Robert James Rogers, Baron Lisvane,  (born 5 February 1950) is a British life peer and retired public servant. He served as Clerk of the House of Commons from October 2011 until August 2014.

Following his elevation as a Life Peer in 2014, Lord Lisvane sits as a crossbencher in the House of Lords.

He is also a member of the Steering Committee of the Constitution Reform Group (CRG), a cross-party organisation which is chaired by Robert Gascoyne-Cecil, 7th Marquess of Salisbury which seeks a new constitutional settlement in the UK by way of a new Act of Union. Lord Lisvane introduced the Act of Union Bill 2018 as a private member’s bill in the House of Lords on 9 October 2018, when it received a formal first reading.
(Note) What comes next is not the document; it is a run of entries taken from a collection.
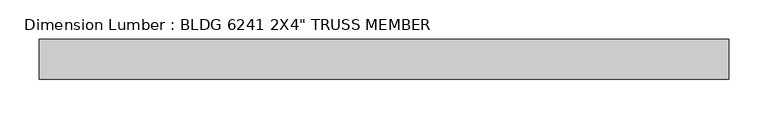
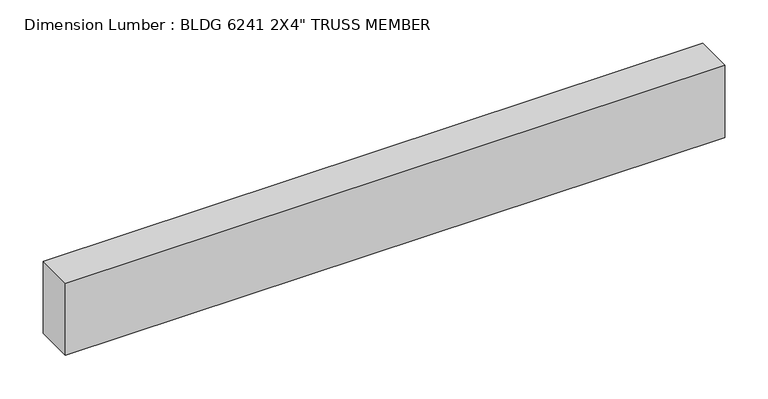
"""IFC4 building model written with IfcOpenShell, lengths in millimetres: beam geometry."""

from ifc_helpers import new_model, si_unit, frame, origin, place, context, project, spatial, polyline, outline, extrude, source, transform, mapped, element, save


def beam_e0e1cdb9(model_context):
    return source(origin(), model_context, "Body", "SweptSolid", [
        extrude(outline(polyline([(444.5, 25.4), (444.5, -25.4), (-431.7999994, -25.4), (-431.7999994, 25.4), (444.5, 25.4)])), frame((0.0, 0.0, -50.8), z_axis=(0.0, 0.0, 1.0), x_axis=(1.0, 0.0, 0.0)), (0.0, 0.0, 1.0), 101.6),
    ])


if __name__ == "__main__":
    model = new_model("IFC4")
    model_context = context("Model", 3, world=origin())
    ifc_project = project(units=[si_unit("LENGTHUNIT", "METRE", prefix="MILLI")], contexts=[model_context])
    site = spatial("IfcSite", under=ifc_project)
    building = spatial("IfcBuilding", under=site)
    placement = place(None, origin())
    beam_shape = beam_e0e1cdb9(model_context)
    element("IfcBeam", 1, ObjectType="Dimension Lumber : BLDG 6241 2X4\" TRUSS MEMBER", at=placement, inside=building, context=model_context, shape_type="MappedRepresentation", body=[
        mapped(beam_shape, transform((0.0, 0.0, 0.0), x_axis=(1.0, 0.0, 0.0), y_axis=(0.0, 1.0, 0.0), z_axis=(0.0, 0.0, 1.0))),
    ])
    save(model, "model.ifc")

# Revit data of these elements
# Type "Dimension Lumber : BLDG 6241 2X4\" TRUSS MEMBER"
#   Assembly Code = "B10"
#   A = 0.273472 SF
#   Length [instance default] = 5' - 0"
#   b = 0' - 2"
#   d = 0' - 4"
#   Structural Material [instance default] = Softwood, Lumber
# Element 1 (IfcBeam, "Dimension Lumber : BLDG 6241 2X4\" TRUSS MEMBER")
#   Materials on its faces: "Softwood, Lumber"
# Materials
#   "Softwood, Lumber": class "Wood", colour RGB 223 192 134, transparency 0, Description = "Pinus Echinata", Cost = 0
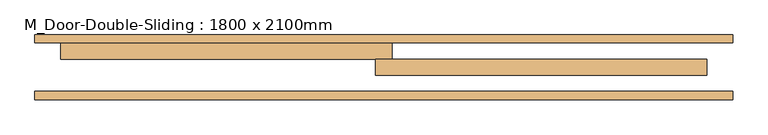
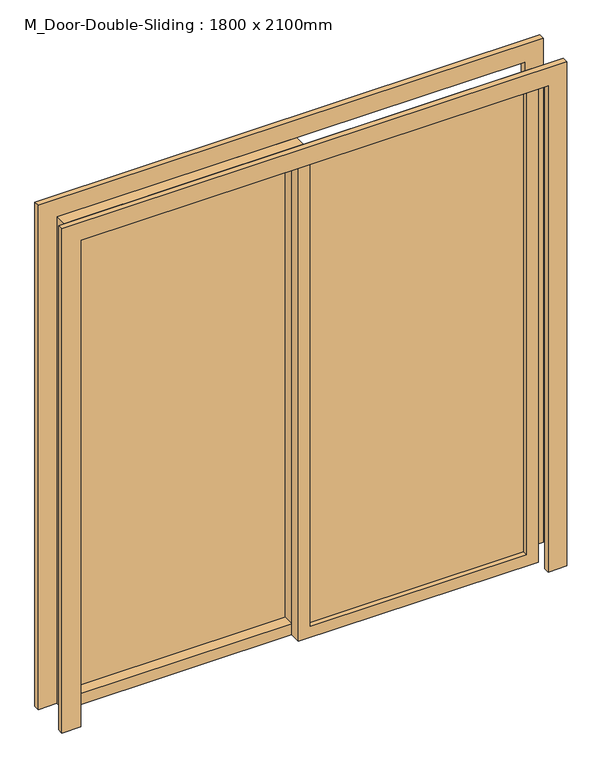
"""IFC4 building model written with IfcOpenShell, lengths in millimetres: door geometry, M_Door-Double-Sliding : 1800 x 2100mm."""

from ifc_helpers import new_model, si_unit, frame, origin, place, context, project, spatial, polyline, outline, extrude, source, transform, mapped, element, save


def m_door_double_sliding_1800_x_2100mm_1ba493e8(model_context):
    return source(origin(), model_context, "Body", "SweptSolid", [
        extrude(outline(polyline([(0.0, -1080.0), (0.0, -1000.0), (2200.0, -1000.0), (2200.0, 1000.0), (0.0, 1000.0), (0.0, 1080.0), (2280.0, 1080.0), (2280.0, -1080.0), (0.0, -1080.0)])), frame((0.0, 27.0, 0.0), z_axis=(0.0, 1.0, 0.0), x_axis=(0.0, 0.0, 1.0)), (0.0, 0.0, 1.0), 25.0),
        extrude(outline(polyline([(0.0, 1080.0), (2280.0, 1080.0), (2280.0, -1080.0), (0.0, -1080.0), (0.0, -1000.0), (2200.0, -1000.0), (2200.0, 1000.0), (0.0, 1000.0), (0.0, 1080.0)])), frame((0.0, 202.0, 0.0), z_axis=(0.0, 1.0, 0.0), x_axis=(0.0, 0.0, 1.0)), (0.0, 0.0, 1.0), 25.0),
        extrude(outline(polyline([(2200.0, -25.0), (0.0, -25.0), (0.0, 1000.0), (2200.0, 1000.0), (2200.0, -25.0)]), holes=[polyline([(2150.0, 25.0), (2150.0, 950.0), (50.0, 950.0), (50.0, 25.0), (2150.0, 25.0)])]), frame((0.0, 102.0, 0.0), z_axis=(0.0, 1.0, 0.0), x_axis=(0.0, 0.0, 1.0)), (0.0, 0.0, 1.0), 50.0),
        extrude(outline(polyline([(2200.0, 25.0), (2200.0, -1000.0), (0.0, -1000.0), (0.0, 25.0), (2200.0, 25.0)]), holes=[polyline([(2150.0, -25.0), (50.0, -25.0), (50.0, -950.0), (2150.0, -950.0), (2150.0, -25.0)])]), frame((0.0, 152.0, 0.0), z_axis=(0.0, 1.0, 0.0), x_axis=(0.0, 0.0, 1.0)), (0.0, 0.0, 1.0), 50.0),
        extrude(outline(polyline([(25.0, 130.175), (950.0, 130.175), (950.0, 123.825), (25.0, 123.825), (25.0, 130.175)])), frame((0.0, 0.0, 50.0), z_axis=(0.0, 0.0, 1.0), x_axis=(1.0, 0.0, 0.0)), (0.0, 0.0, 1.0), 2100.0),
        extrude(outline(polyline([(-25.0, 200.025), (-950.0, 200.025), (-950.0, 206.375), (-25.0, 206.375), (-25.0, 200.025)])), frame((0.0, 0.0, 50.0), z_axis=(0.0, 0.0, 1.0), x_axis=(1.0, 0.0, 0.0)), (0.0, 0.0, 1.0), 2100.0),
    ])


if __name__ == "__main__":
    model = new_model("IFC4")
    model_context = context("Model", 3, world=origin())
    ifc_project = project(units=[si_unit("LENGTHUNIT", "METRE", prefix="MILLI")], contexts=[model_context])
    site = spatial("IfcSite", under=ifc_project)
    building = spatial("IfcBuilding", under=site)
    placement = place(None, origin())
    m_door_double_sliding_1800_x_2100mm_shape = m_door_double_sliding_1800_x_2100mm_1ba493e8(model_context)
    element("IfcDoor", 1, ObjectType="M_Door-Double-Sliding : 1800 x 2100mm", at=placement, inside=building, context=model_context, shape_type="MappedRepresentation", body=[
        mapped(m_door_double_sliding_1800_x_2100mm_shape, transform((0.0, 0.0, 0.0), x_axis=(1.0, 0.0, 0.0), y_axis=(0.0, 1.0, 0.0), z_axis=(0.0, 0.0, 1.0))),
    ])
    save(model, "model.ifc")

# Revit data of these elements
# Type "M_Door-Double-Sliding : 1800 x 2100mm"
#   Type Mark = "23"
#   Construction Type Id = "opn-d45"
#   Assembly Code = "C1020"
#   Analytic Construction = "Wood frame, double glass door "
#   Thickness = 0.05 m
#   Thermal Resistance (R) = 0.31964 (m²·K)/W
#   Heat Transfer Coefficient (U) = 3.12872 W/(m²·K)
#   Height = 2.2 m
#   Rail Width = 0.05 m
#   Stiles = 0.05 m
#   Trim Projection Ext = 0.025 m
#   Trim Projection Int = 0.025 m
#   Trim Width = 0.08 m
#   Width = 2 m
#   Glazing = Glass
#   Panel Material = Wood - Birch - Solid Stained Light Low Gloss
#   Trim Material = Paint - Sienna
#   Visual Light Transmittance = 0
#   Solar Heat Gain Coefficient = 0
#   Function = (empty or 0)
#   Wall Closure = (empty or 0)
# Element 1 (IfcDoor, "M_Door-Double-Sliding : 1800 x 2100mm")
#   Materials on its faces: "Paint - Sienna", "Wood - Birch - Solid Stained Light Low Gloss", "Glass"
# Materials
#   "Glass": class "Glass", colour RGB 218 227 224, transparency 0.85, Description = "Soda Lime Glass", Cost = 0
#   "Wood - Birch - Solid Stained Light Low Gloss": class "Wood", colour RGB 227 170 128, transparency 0, Cost = 0
#   "Paint - Sienna": class "Miscellaneous", colour RGB 118 70 51, transparency 0, Cost = 0

The BBC has suggested that the issues addressed by the Bill are likely to become important in the 2019 Parliament.

Early life
Born in Cardiff, Rogers attended Tonbridge School before going to Lincoln College, Oxford, where he read for the degree Anglo-Saxon, Norse and Celtic, as well as representing Oxford University at cricket, hockey, and real tennis. He captained Lincoln College in the series of University Challenge broadcast in 1970, reaching the semi-final.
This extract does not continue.